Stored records
+--
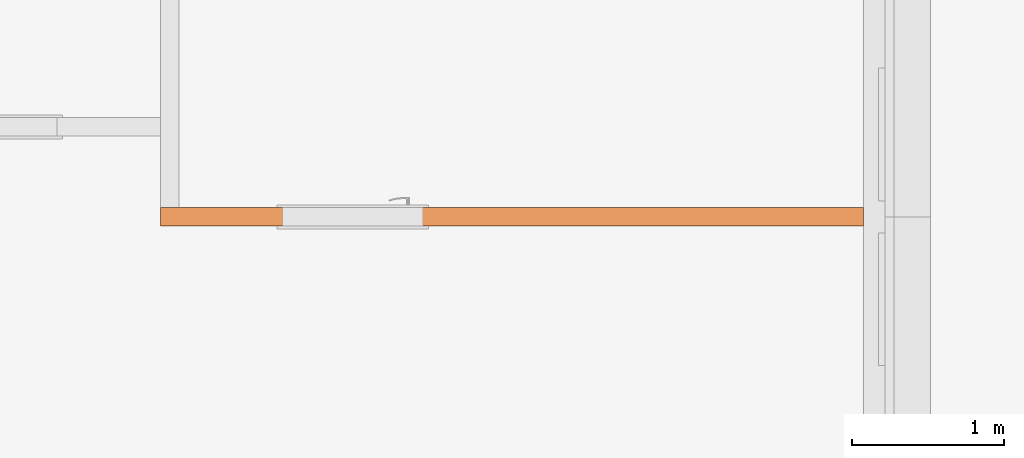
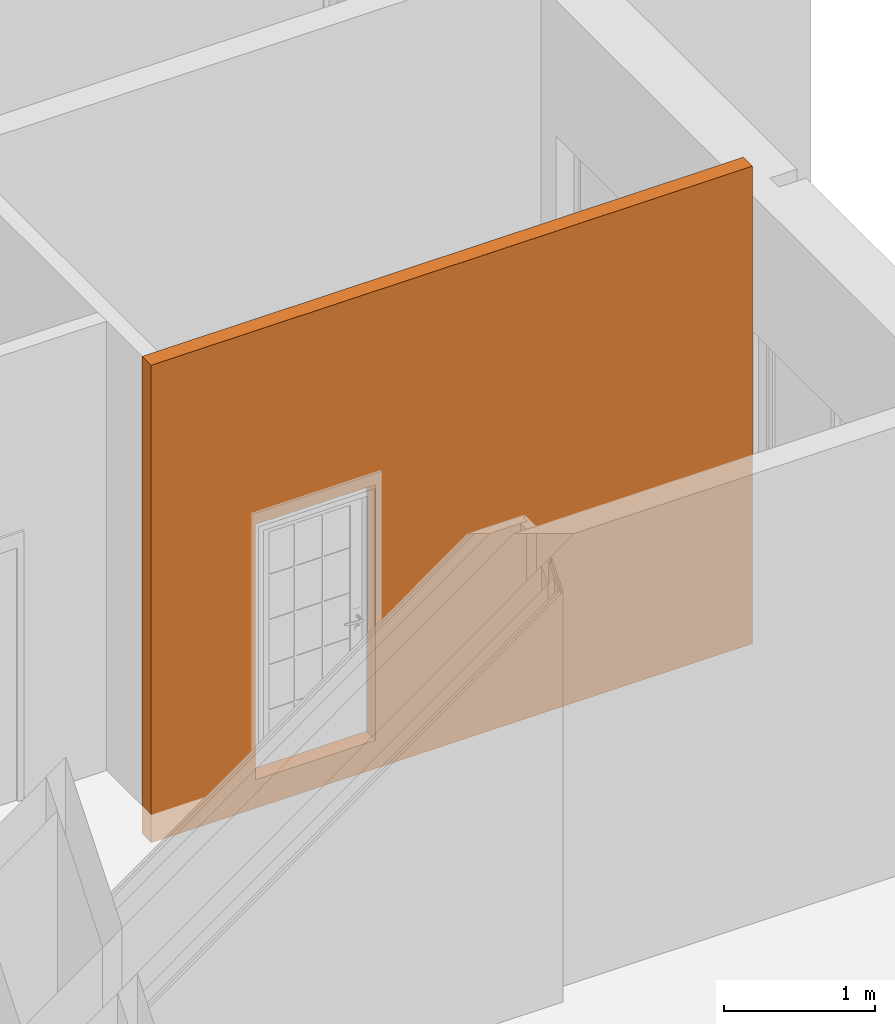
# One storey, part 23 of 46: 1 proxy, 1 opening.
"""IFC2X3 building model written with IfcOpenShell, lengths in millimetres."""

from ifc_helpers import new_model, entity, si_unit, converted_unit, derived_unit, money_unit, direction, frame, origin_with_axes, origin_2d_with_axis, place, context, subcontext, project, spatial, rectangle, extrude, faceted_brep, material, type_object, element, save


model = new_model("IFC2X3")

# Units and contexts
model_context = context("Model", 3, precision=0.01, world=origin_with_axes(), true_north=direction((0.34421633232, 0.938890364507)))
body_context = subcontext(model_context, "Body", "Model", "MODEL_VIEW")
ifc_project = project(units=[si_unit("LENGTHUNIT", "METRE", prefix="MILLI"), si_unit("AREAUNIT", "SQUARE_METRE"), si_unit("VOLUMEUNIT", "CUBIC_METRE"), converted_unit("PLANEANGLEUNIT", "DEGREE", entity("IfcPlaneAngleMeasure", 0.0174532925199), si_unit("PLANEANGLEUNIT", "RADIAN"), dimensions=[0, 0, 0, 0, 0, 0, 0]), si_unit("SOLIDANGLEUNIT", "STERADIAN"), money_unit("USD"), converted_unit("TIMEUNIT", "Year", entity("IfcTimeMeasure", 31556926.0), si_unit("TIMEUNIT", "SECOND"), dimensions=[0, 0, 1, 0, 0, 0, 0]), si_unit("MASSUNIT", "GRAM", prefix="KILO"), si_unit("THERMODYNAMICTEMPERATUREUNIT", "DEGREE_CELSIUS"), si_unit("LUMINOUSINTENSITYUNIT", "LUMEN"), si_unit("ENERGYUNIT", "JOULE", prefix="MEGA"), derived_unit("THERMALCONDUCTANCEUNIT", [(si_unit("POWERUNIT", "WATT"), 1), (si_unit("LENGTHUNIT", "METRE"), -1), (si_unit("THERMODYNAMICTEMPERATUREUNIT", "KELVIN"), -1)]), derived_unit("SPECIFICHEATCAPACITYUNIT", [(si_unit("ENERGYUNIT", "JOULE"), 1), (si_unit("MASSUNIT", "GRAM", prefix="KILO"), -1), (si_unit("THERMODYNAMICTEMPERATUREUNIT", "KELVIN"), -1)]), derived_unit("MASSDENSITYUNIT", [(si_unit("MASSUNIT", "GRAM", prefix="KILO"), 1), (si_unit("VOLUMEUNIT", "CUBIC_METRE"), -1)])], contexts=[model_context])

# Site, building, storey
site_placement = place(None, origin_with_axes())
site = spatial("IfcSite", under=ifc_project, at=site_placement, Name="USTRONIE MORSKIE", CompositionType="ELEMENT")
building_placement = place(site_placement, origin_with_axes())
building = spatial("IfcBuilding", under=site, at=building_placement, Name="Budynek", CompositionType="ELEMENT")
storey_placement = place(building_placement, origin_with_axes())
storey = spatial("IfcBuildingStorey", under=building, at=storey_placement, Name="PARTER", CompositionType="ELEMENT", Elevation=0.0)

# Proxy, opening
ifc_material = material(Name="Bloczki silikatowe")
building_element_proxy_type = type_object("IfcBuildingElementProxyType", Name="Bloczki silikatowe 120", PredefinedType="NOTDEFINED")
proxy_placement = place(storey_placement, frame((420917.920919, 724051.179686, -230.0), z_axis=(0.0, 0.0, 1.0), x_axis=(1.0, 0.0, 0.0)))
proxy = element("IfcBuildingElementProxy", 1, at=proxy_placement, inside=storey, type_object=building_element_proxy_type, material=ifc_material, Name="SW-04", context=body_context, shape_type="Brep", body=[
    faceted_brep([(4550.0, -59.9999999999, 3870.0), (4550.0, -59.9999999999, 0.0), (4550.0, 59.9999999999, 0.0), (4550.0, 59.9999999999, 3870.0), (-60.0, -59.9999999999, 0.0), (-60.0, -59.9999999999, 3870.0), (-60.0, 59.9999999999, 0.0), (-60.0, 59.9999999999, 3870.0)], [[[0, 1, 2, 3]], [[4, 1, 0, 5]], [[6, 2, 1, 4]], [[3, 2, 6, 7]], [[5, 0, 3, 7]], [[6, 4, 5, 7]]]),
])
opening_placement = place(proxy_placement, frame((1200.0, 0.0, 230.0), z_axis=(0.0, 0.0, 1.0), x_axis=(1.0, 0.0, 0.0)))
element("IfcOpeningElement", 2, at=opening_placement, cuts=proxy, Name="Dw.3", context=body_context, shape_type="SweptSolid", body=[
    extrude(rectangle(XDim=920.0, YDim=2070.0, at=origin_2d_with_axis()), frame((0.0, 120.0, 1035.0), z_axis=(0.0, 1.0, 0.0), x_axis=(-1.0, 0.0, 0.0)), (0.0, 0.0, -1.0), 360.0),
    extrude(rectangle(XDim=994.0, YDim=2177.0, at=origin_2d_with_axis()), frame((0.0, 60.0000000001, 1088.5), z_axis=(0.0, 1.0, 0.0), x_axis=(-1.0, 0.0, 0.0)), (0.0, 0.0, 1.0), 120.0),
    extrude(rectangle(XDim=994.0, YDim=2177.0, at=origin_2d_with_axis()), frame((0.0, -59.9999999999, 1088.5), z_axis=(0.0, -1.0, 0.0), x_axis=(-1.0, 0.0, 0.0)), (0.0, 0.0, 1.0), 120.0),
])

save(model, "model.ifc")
+--
## Required action:
Retype only the lines that run from the first line of the entries above to the line containing "from ifc_helpers import", both included. Do not carry over any pictures.

## Worked solution:
# One storey, part 23 of 46: 1 proxy, 1 opening.
"""IFC2X3 building model written with IfcOpenShell, lengths in millimetres."""

from ifc_helpers import new_model, entity, si_unit, converted_unit, derived_unit, money_unit, direction, frame, origin_with_axes, origin_2d_with_axis, place, context, subcontext, project, spatial, rectangle, extrude, faceted_brep, material, type_object, element, save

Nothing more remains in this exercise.